Delhi’s position was to walk a fine line between expressing “deep concern” over the “disruption” of democracy and some of the brutal steps taken by the junta and protecting its own “vital interests” – ensuring that Myanmar provides shelter. does not for northeast militant groups, and that the country does not become a Chinese playground.
Last year, when the then foreign secretary Harsh Shringla visited Naypyidaw, he not only discussed Delhi’s security and strategic issues, but also “emphasized India’s interest in seeing Myanmar return to democracy at the earliest; prisoners and the release of prisoners; and a complete cessation of all forms of violence”. He also met with some NLD leaders who were not in prison.
But now a change has come. During his visit last November, Foreign Secretary Vinay Kwatra made no mention of democracy or prisoners, and did not meet any political leaders.
Abstain from UNSC resolution
In December, India, along with Russia and China, abstained from the first resolution adopted by the UN Security Council on Myanmar. The resolution called for an end to the violence and the release of all political prisoners, including Suu Kyi.
In his New Year’s speech, General Min Aung thanked countries that stood by the regime. “We are working closely with neighboring countries such as China, India, Thailand, Laos and Bangladesh. We will work together for stability and development on the border. India, along with China and Russia, also supplies arms to Myanmar.
Should India reconsider relations with military rulers?
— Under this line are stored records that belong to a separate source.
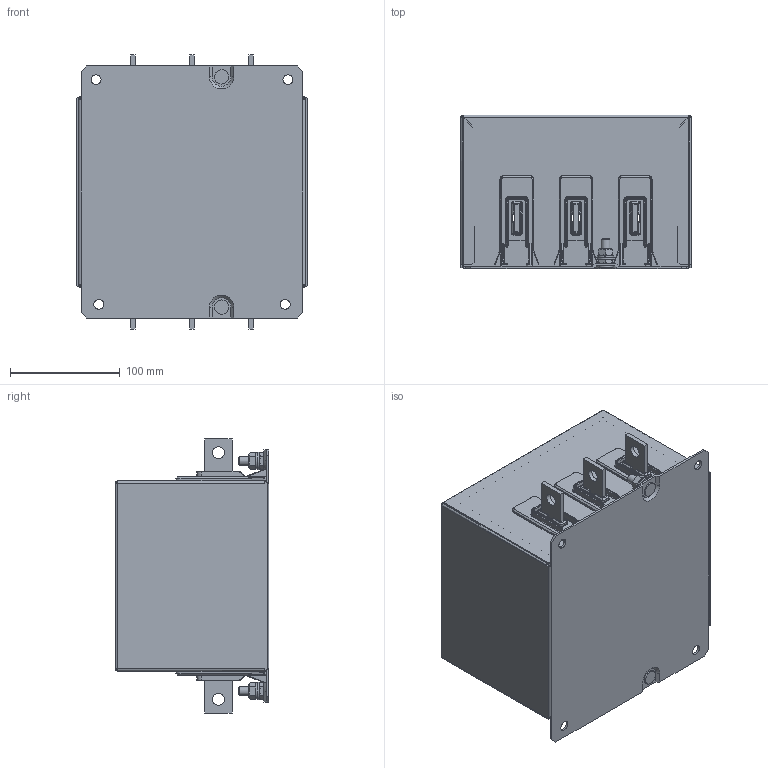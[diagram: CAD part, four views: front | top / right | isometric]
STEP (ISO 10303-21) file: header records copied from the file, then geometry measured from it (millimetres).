
FILE_DESCRIPTION((''),'2;1');
FILE_NAME('P:\Construction\Filter_Marketing\FN\FN3311\FN3311-400-99\FN331X-400-99-CXX-RXX.stp','2015-04-15T14:30:06',('erika.jenzer'),(''),'Autodesk Inventor 2013','Autodesk Inventor 2013','');
FILE_SCHEMA(('AUTOMOTIVE_DESIGN { 1 0 10303 214 1 1 1 1 }'));
Length unit declared in the file: millimetre
Products named in the file (1): FN331X-400-99-CXX-RXX
Bounding box: 210 x 140.1 x 250 mm (x, y, z)
Volume: 328613.4 mm3; surface area: 419640.9 mm2
Topology: 7 solids, 19 shells, 2696 faces, 6823 edges, 4150 vertices
Faces by surface type: plane 1260, cylinder 734, bspline 580, sphere 60, cone 50, torus 12
Full cylindrical faces by diameter (mm): 4.82 x2, 8 x4, 9 x4, 11 x6, 13 x2, 16 x2
Entity records: 94280 total; most frequent: CARTESIAN_POINT 28800, ORIENTED_EDGE 13482, DIRECTION 12376, EDGE_CURVE 6741, VECTOR 4160, LINE 4160, VERTEX_POINT 4146, AXIS2_PLACEMENT_3D 4108
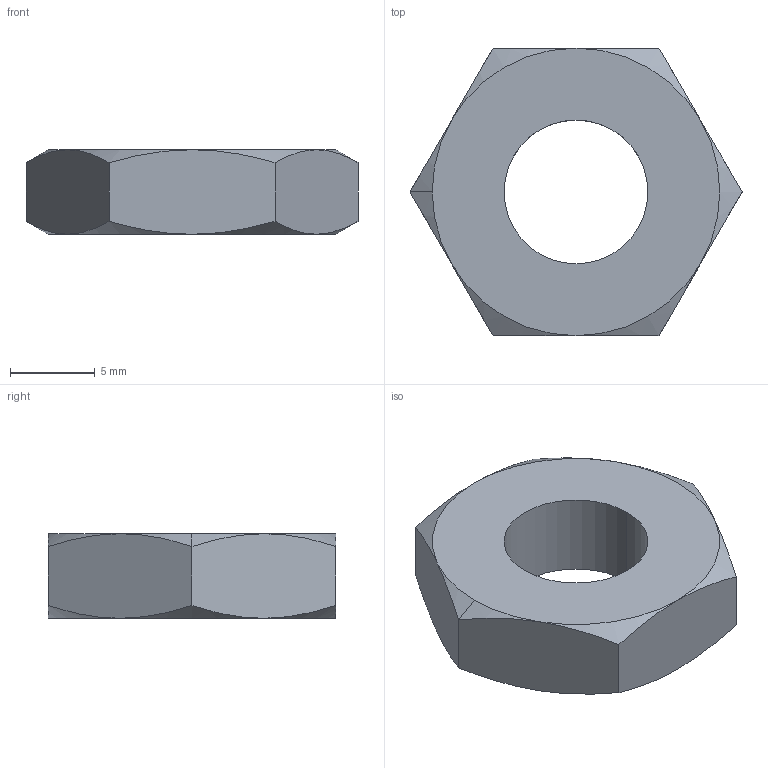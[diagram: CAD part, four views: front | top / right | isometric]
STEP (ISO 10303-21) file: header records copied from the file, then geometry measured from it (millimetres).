
FILE_DESCRIPTION (( 'STEP AP203' ), '1' );
FILE_NAME ('32700.W0515.step', '2016-02-10T17:13:45', ( 'User' ), ( '' ), 'SwSTEP 2.0', 'SolidWorks 2009', '' );
FILE_SCHEMA (( 'CONFIG_CONTROL_DESIGN' ));
Length unit declared in the file: millimetre
Products named in the file (1): 32700.W0515
Bounding box: 19.63 x 17 x 5 mm (x, y, z)
Volume: 957 mm3; surface area: 791.6 mm2
Topology: 1 solids, 1 shells, 24 faces, 52 edges, 30 vertices
Faces by surface type: cone 14, plane 8, cylinder 2
Entity records: 819 total; most frequent: CARTESIAN_POINT 251, ORIENTED_EDGE 104, DIRECTION 96, EDGE_CURVE 52, AXIS2_PLACEMENT_3D 43, VERTEX_POINT 30, EDGE_LOOP 26, B_SPLINE_CURVE_WITH_KNOTS 24

Apart from bona fide issues, the chaos inside Myanmar casts doubt on the junta’s ability to address any concerns of India. An example is the Myawaddy job scam, in which hundreds of Tamil youths were lured to Kayin, Myanmar after being promised jobs in Thailand, and put to work in digital scamming centres. Controlled by an ethnic militia, Myawaddy is a no-go area for the junta, further complicating the defense effort for Delhi.
In addition, there are reports that junta-backed militias to fight the PDF are manned by northeast insurgent groups such as the Manipuri People’s Liberation Army. For infrastructure, the local PDF now controls the area where India is building a trilateral highway and the Kaladan multimodal transport project. One of the projects passes through the Sagaing region (opposite Manipur) and the other is in Chin State (opposite Mizoram). Most of the fighting between the military junta and the PDF is in these two areas. Any work in these areas requires a permit from the local PDF.
Meanwhile, the influx of refugees has made Myanmar’s turmoil a matter of concern for India in a more proximate sense. According to unofficial estimates, about 50,000 people are now taking refuge in four Indian states, mainly Mizoram (40,000), but also in Manipur (3,000), Arunachal (150) and Nagaland (250).
Delhi, which is not a signatory to the International Convention on Refugees, has not officially acknowledged their presence.
At least 40 members of the ousted parliament are said to be among the refugees. Of these, 30 are said to have taken shelter in Mizoram and at least two are in Delhi. Some of them are members of NUG. And they want Delhi to “invest” in the NUG, not the junta, in India’s own long-term interests.